Now for the second technique: Use $d$ eigenvectors to construct a $d$-dimensional space and apply a classical clustering algorithm. Let's break up this sentence to see what it means.

1. _Use $d$ eigenvectors to construct a $d$-dimensional space._

The $d$ eigenvectors you select are the bases of a $d$-dimensional space (check out the video linked in exercise 3 to see why). In order to get the coördinates of a point in this new space, all we need to do is compute the dot product between the vector representation of that point in the original space and the eigenvector corresponding to each dimension. The vector representation $\mathbf{v}$ of a node $i$ in the original space is an $n \times 1$ vector with all zeros and $v_i = 1$.

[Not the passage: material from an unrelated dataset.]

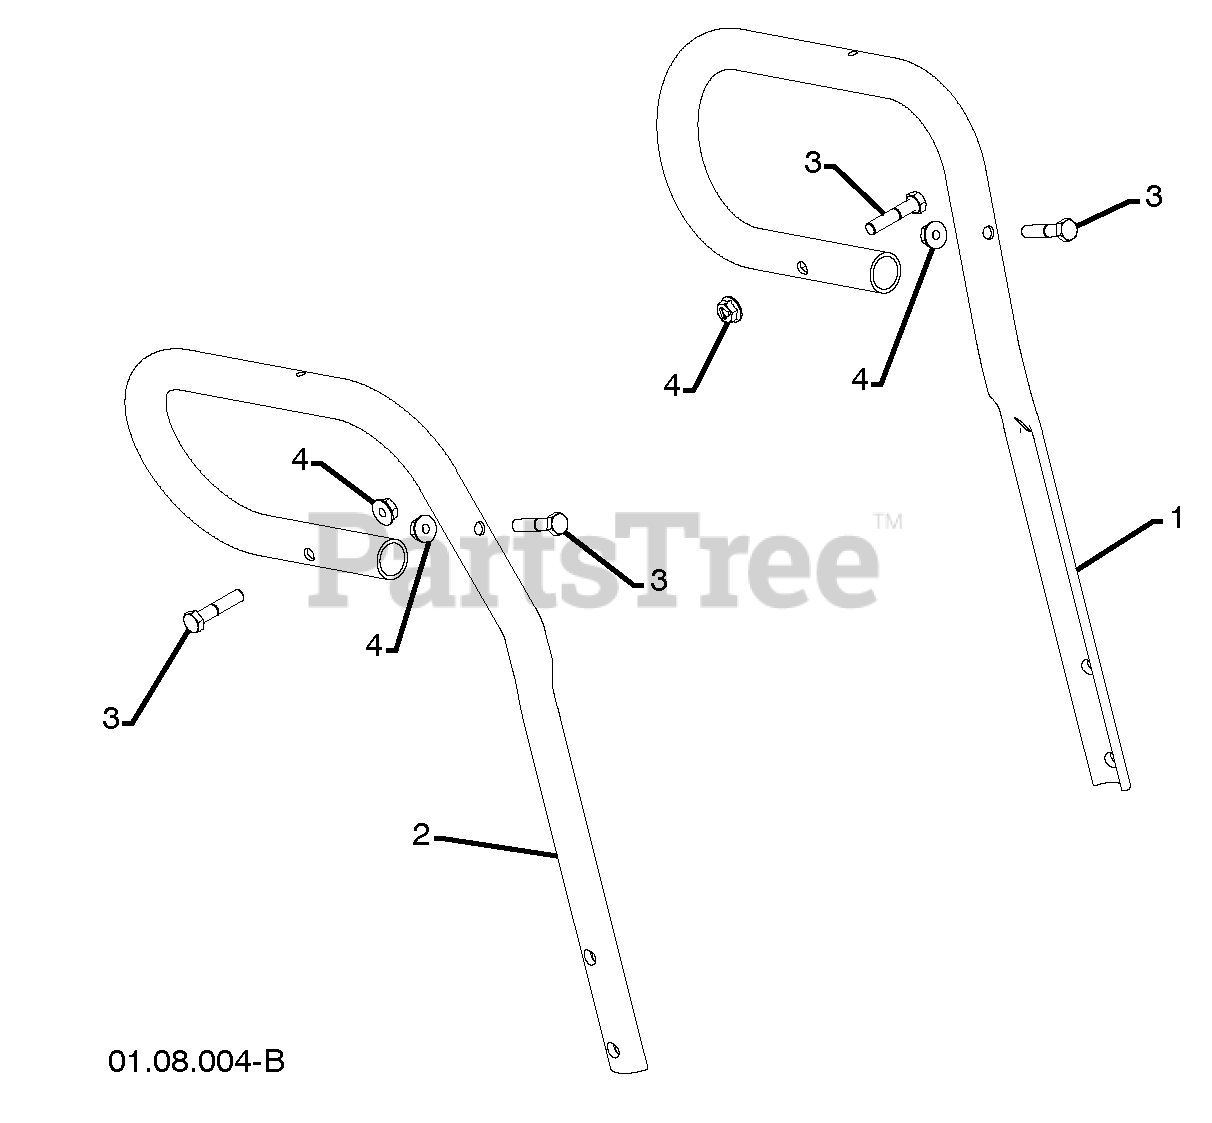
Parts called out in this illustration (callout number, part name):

If compute the dot product with each eigenvector, you get $d$ 'coördinates' for that node in the new $d$-dimensional space, which is called the spectral transform.

We can use a quick shortcut to get the coördinates for each node in the graph: we can simply concatenate the $d$ eigenvectors into an $n \times d$ matrix (try writing it out it out). The dataset of new features will look like this: [$w_1$, $w_2$, ..., $w_d$] where $w_j$ is the $j$-th eigenvector.

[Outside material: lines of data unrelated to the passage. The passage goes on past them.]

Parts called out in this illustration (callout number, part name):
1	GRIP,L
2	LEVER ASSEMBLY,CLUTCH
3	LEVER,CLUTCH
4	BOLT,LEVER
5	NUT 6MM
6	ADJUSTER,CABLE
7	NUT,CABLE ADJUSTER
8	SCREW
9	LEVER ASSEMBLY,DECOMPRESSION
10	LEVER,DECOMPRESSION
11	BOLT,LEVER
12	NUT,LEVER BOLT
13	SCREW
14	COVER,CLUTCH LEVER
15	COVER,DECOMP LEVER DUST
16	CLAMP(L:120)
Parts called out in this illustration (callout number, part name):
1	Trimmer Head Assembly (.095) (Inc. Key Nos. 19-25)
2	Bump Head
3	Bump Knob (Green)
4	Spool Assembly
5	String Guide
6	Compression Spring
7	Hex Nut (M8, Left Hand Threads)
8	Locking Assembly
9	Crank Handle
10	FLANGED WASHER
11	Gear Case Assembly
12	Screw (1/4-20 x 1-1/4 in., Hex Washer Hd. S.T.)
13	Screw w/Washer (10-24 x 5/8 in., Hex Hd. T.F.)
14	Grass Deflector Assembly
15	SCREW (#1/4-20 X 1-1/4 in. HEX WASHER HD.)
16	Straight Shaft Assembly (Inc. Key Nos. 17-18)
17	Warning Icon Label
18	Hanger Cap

2. _Apply a classical clustering algorithm._

Now that you have $d$ coördinates for each node, we can feed these new coördinates (or features) into a standard clustering algorithm, like hierarchical clustering or k-means. We will not implement this step. For now, it will do to plot the new coordinates. Of course, you are free to use an out-of-the-box implementation or your own clustering implementation from the Machine Learning course.

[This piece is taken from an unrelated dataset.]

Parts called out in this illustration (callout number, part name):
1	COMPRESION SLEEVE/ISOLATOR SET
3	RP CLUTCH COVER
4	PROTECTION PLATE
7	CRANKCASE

*Let's get started!* We will use only two eigenvectors, so we can plot the new coordinates. Remember that we don't use the very first eigenvector, as it consists of only 1s.

In [None]:
import matplotlib.pyplot as plt
from matplotlib import colors as mcolors

def spectral_coordinates(laplacian, d):
    v, w = la.eig(laplacian)
    
    coordinates = np.ones((laplacian.shape[0], d))
    
    # Start coding here!

    return coordinates

def spectral_cluster_k(g, k):    
    adjacency_matrix = create_adjacency_matrix(g)
    laplacian = compute_laplacian(adjacency_matrix)
    
    coordinates = spectral_coordinates(laplacian, 2)
    
    for i in range(len(coordinates)):
        plt.scatter(coordinates[i, 0], coordinates[i, 1])
    plt.legend(people)
    plt.show()

spectral_cluster_k(friend_graph, 100000)

### Question 5
- What do the axes mean in this plot? 
- Would you get the same clustering results using the two methods? What is the difference?